My DH has POA. He will never enact it and he will never use it. She will someday die in her home, having burned all bridges behind her.
She would not even have to sell her home to afford the best of the best NH's. Now you can't even get her to step onto the back porch, she's so isolated.
My point being--IF my DH had been able to sway his sibs, MIL would have been moved to the best of the best ALF's and she'd be so much better off. She doesn't need nor want 'activities' or visitors. She wants to be alone and sees only her 3 kids and her 2 CNA's. I think her decline, slow as it's been, would have been much less stressful for so many people if she had been placed.
SIL is too 'whipped' to standup to her mom and the boys are too tired to do it.
we just go, week to week dealing with whatever pops up.
You probably WON'T get dad to agree, but you can still do this.
First, I will tell you that I have little hope that you will accomplish what you have stated, unless your Mom and Dad talked about this scenario before she died. First, there will be the going through of your Mom's things that are left. Then there will the things that he would have to go through for himself. That is a huge order for someone who has dementia. Dementia means that he has bits and pieces of memory so I'm not sure which pieces he holds near and dear and which ones he doesn't. Maybe the contents of the house are not important, however being able to work in the garden is. You do need to slowly extract these nuggets out of him.

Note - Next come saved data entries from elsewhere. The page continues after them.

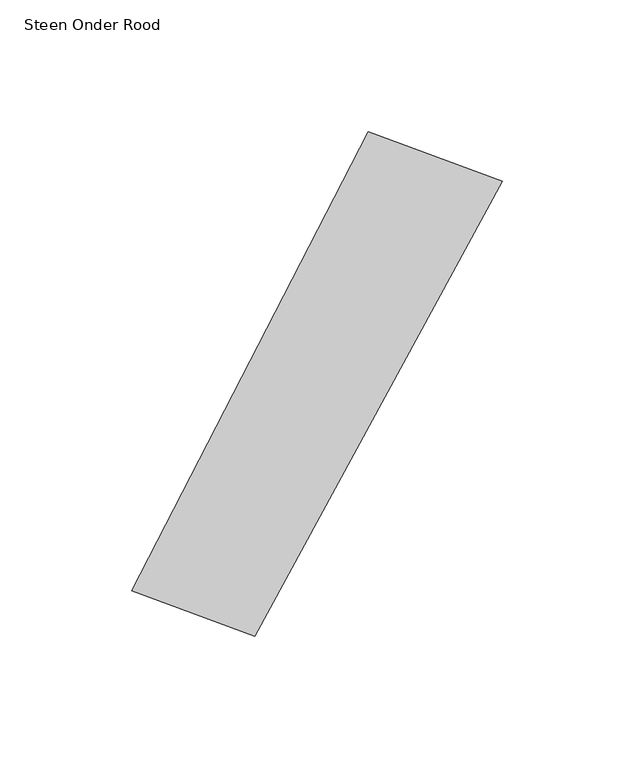
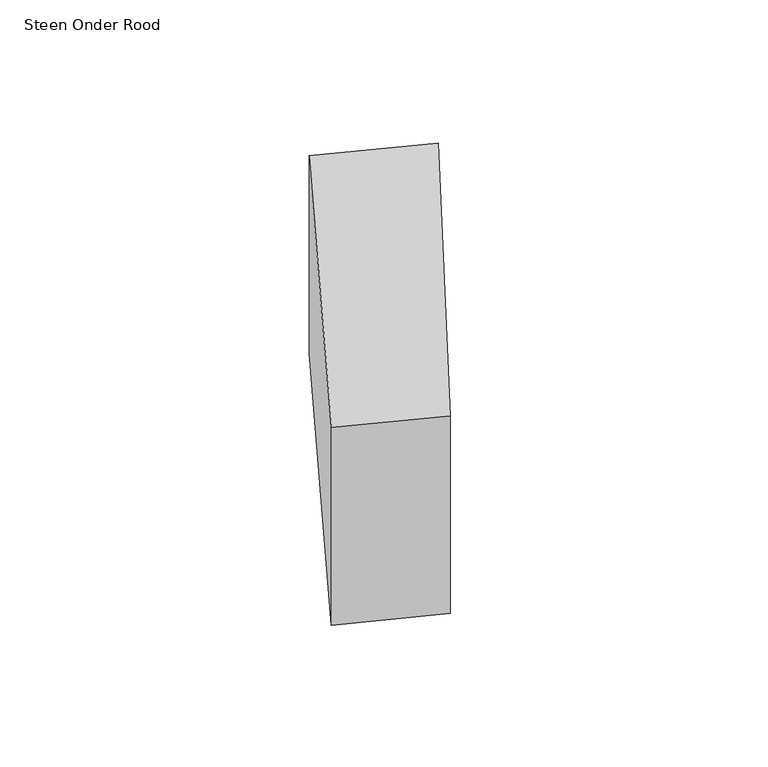
"""IFC4 building model written with IfcOpenShell, lengths in millimetres: proxy geometry, 00_GMA_steen_versie_4 : Steen Onder Rood."""

from ifc_helpers import new_model, si_unit, origin, origin_with_axes, place, context, project, spatial, polyline, outline, extrude, source, transform, mapped, element, save


def steen_onder_rood_62b55ba9(model_context):
    return source(origin(), model_context, "Body", "SweptSolid", [
        extrude(outline(polyline([(146.7402477, 154.7030668), (52.5992174, -18.4322574), (5.7094797, -1.0727499), (95.7797788, 173.5566477), (146.7402477, 154.7030668)])), origin_with_axes(), (0.0, 0.0, 1.0), 100.0),
    ])


if __name__ == "__main__":
    model = new_model("IFC4")
    model_context = context("Model", 3, world=origin())
    ifc_project = project(units=[si_unit("LENGTHUNIT", "METRE", prefix="MILLI")], contexts=[model_context])
    site = spatial("IfcSite", under=ifc_project)
    building = spatial("IfcBuilding", under=site)
    placement = place(None, origin())
    steen_onder_rood_shape = steen_onder_rood_62b55ba9(model_context)
    element("IfcBuildingElementProxy", 1, Name="00_GMA_steen_versie_4 : Steen Onder Rood", ObjectType="00_GMA_steen_versie_4 : Steen Onder Rood", at=placement, inside=building, context=model_context, shape_type="MappedRepresentation", body=[
        mapped(steen_onder_rood_shape, transform((0.0, 0.0, 0.0), x_axis=(1.0, 0.0, 0.0), y_axis=(0.0, 1.0, 0.0), z_axis=(0.0, 0.0, 1.0))),
    ])
    save(model, "model.ifc")

# Revit data of these elements
# Type "00_GMA_steen_versie_4 : Steen Onder Rood"
#   StootVoegHalfBoven [instance default] = 5 mm
#   StootVoegHalf [instance default] = 5 mm
#   StootVoegBreedteOnder = 10 mm
#   StootVoegBreedteBoven = 10 mm
#   Steendikte = 100 mm
#   LintVoegOnderHalf = 0 mm
#   LintVoegOnder = 0 mm
#   LintVoegBovenHalf = 5 mm
#   LintVoegBoven = 10 mm
#   materiaal = 21_steen_rood
#   MateriaalVoeg = none
#   Default Elevation = 0
# Element 1 (IfcBuildingElementProxy, "00_GMA_steen_versie_4 : Steen Onder Rood")
#   Materials on its faces: "21_steen_rood"
# Materials
#   "21_steen_rood": class "Unassigned", colour RGB 213 111 43, transparency 0, Cost = 0
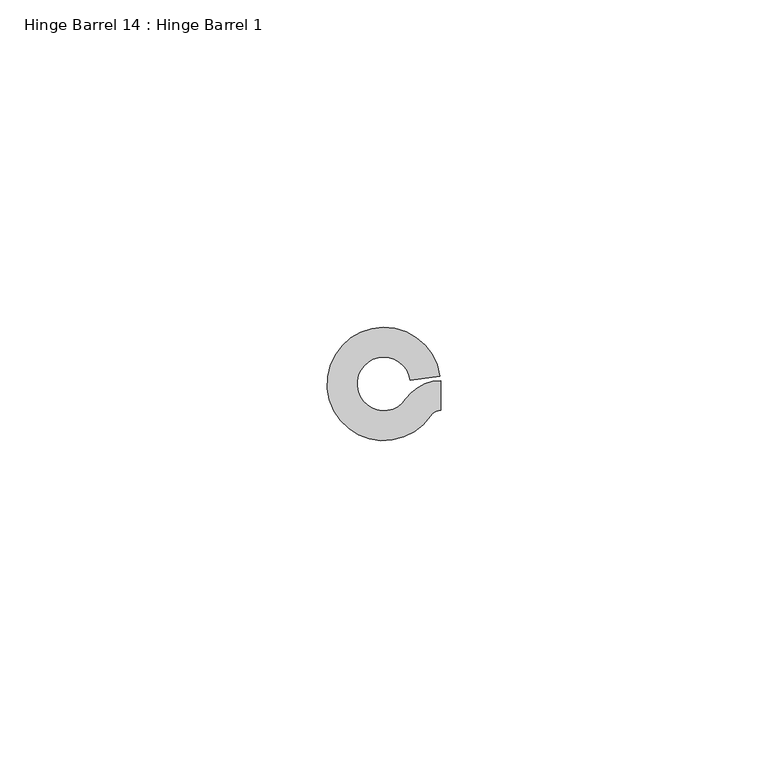
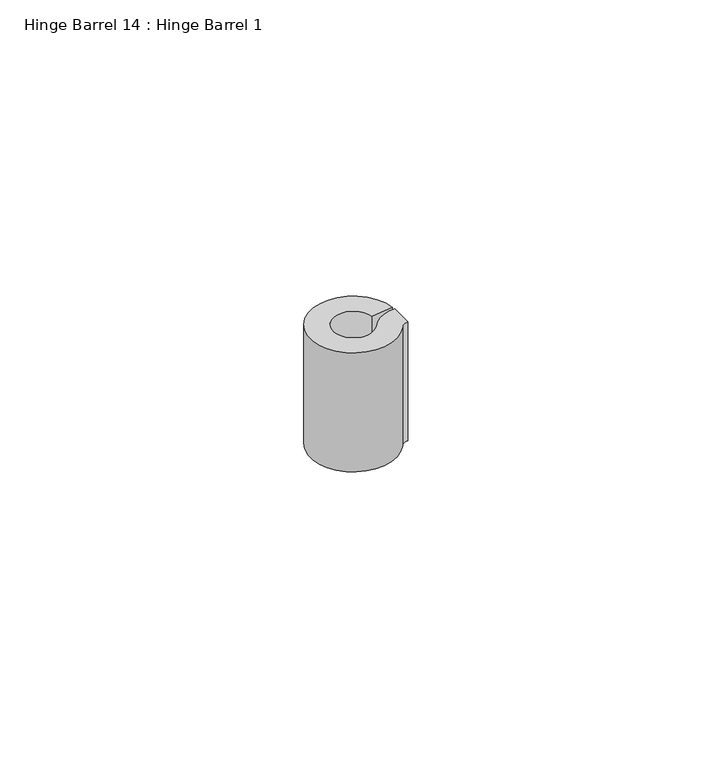
"""IFC4 building model written with IfcOpenShell, lengths in millimetres: proxy geometry, Hinge Barrel 14 : Hinge Barrel 1."""

from ifc_helpers import new_model, si_unit, point, frame, frame_2d, origin, place, context, project, spatial, polyline, circle_curve, trimmed, segment, composite_curve, outline, extrude, source, transform, mapped, element, save


def hinge_barrel_14_hinge_barrel_1_75b3f5ff(model_context):
    return source(origin(), model_context, "Body", "SweptSolid", [
        extrude(outline(composite_curve([segment(trimmed(circle_curve(frame_2d((587327.8245257, -533990.5568067)), 6.4044851), [point((587322.5194669, -533986.9688017))], [point((587327.8245257, -533984.1523216))], False, "CARTESIAN"), True, "CONTINUOUS"), segment(polyline([(587327.8245257, -533984.1523216), (587327.8245257, -533988.7163841)]), True, "CONTINUOUS"), segment(trimmed(circle_curve(frame_2d((587327.8245257, -533990.5568067)), 1.8404226), [point((587327.8245257, -533988.7163841))], [point((587326.3000393, -533989.5257409))], True, "CARTESIAN"), True, "CONTINUOUS"), segment(trimmed(circle_curve(frame_2d((587319.1320739, -533984.6777841)), 8.6534625), [point((587326.3000393, -533989.5257409))], [point((587327.7022899, -533983.4803654))], False, "CARTESIAN"), True, "CONTINUOUS"), segment(polyline([(587327.7022899, -533983.4803654), (587323.1821338, -533984.1119153)]), True, "CONTINUOUS"), segment(trimmed(circle_curve(frame_2d((587319.1320739, -533984.6777841)), 4.0894), [point((587323.1821338, -533984.1119153))], [point((587322.5194669, -533986.9688017))], True, "CARTESIAN"), True, "CONTINUOUS")], self_intersect=False)), frame((0.0, 0.0, 336.55), z_axis=(0.0, 0.0, 1.0), x_axis=(1.0, 0.0, 0.0)), (0.0, 0.0, 1.0), 25.4),
    ])


if __name__ == "__main__":
    model = new_model("IFC4")
    model_context = context("Model", 3, world=origin())
    ifc_project = project(units=[si_unit("LENGTHUNIT", "METRE", prefix="MILLI")], contexts=[model_context])
    site = spatial("IfcSite", under=ifc_project)
    building = spatial("IfcBuilding", under=site)
    placement = place(None, origin())
    hinge_barrel_14_hinge_barrel_1_shape = hinge_barrel_14_hinge_barrel_1_75b3f5ff(model_context)
    element("IfcBuildingElementProxy", 1, Name="Hinge Barrel 14 : Hinge Barrel 1", ObjectType="Hinge Barrel 14 : Hinge Barrel 1", at=placement, inside=building, context=model_context, shape_type="MappedRepresentation", body=[
        mapped(hinge_barrel_14_hinge_barrel_1_shape, transform((0.0, 0.0, 0.0), x_axis=(1.0, 0.0, 0.0), y_axis=(0.0, 1.0, 0.0), z_axis=(0.0, 0.0, 1.0))),
    ])
    save(model, "model.ifc")

# Revit data of these elements
# Element 1 (IfcBuildingElementProxy, "Hinge Barrel 14 : Hinge Barrel 1")
#   Materials on its faces: "6\"X6\" WELD-ON STL BUTT HINGE"
# Materials
#   "6\"X6\" WELD-ON STL BUTT HINGE": class "Metal", colour RGB 189 187 185, transparency 0, Description = "Carbon steel", Cost = 0

If he can do numbers, the best thing to do would be to write down his income and expenses and show him that he will run out of money. That is option 1. Don't be surprised if his first reaction is to get rid of the caregivers. Most people don't realize how much work and how much preventive work, the caregivers do for their patients.
With today's higher interest rates, another idea might be to take out a home equity loan to pay for things while you wait for house prices to recover and your Dad to make up his mind. That was the idea that was given to me by a property manager.
Another take would be, if he wants to keep the house so you could inherit it, would be to clean up the house, rent it, and also do the home equity loan. He might be willing to do that, rather than sell the house outright.
I'm assuming you have visited some of these managed care facilities so that you are aware of what they provide. If not, I suggest you do that, because places vary widely and the cost might be more than you think. In addition, you can always ask the facility for tips on how to market their facility to your Dad.
I'm also assuming you have already looked into other financial help. If he needs help 24 hours a day, his PCP can recommend a certain number of hours of home help. I'm also assuming that you have talked to a tax professional to ensure that he is NOT over-paying his taxes.
I wish you well on the financial journey. It is really hard when an elderly person runs out of money.
a doctor to diagnose "mental incompetence" - that shows that your dad is not able to make decisions for his own medical care and/or finances;
a lawyer to help with legal processes to transfer decision-making powers to you - usually through a POA if dad is mentally competent or a guardianship if dad is mentally incompetent;
any other witnesses to support your claims that dad can not make wise decisions for himself.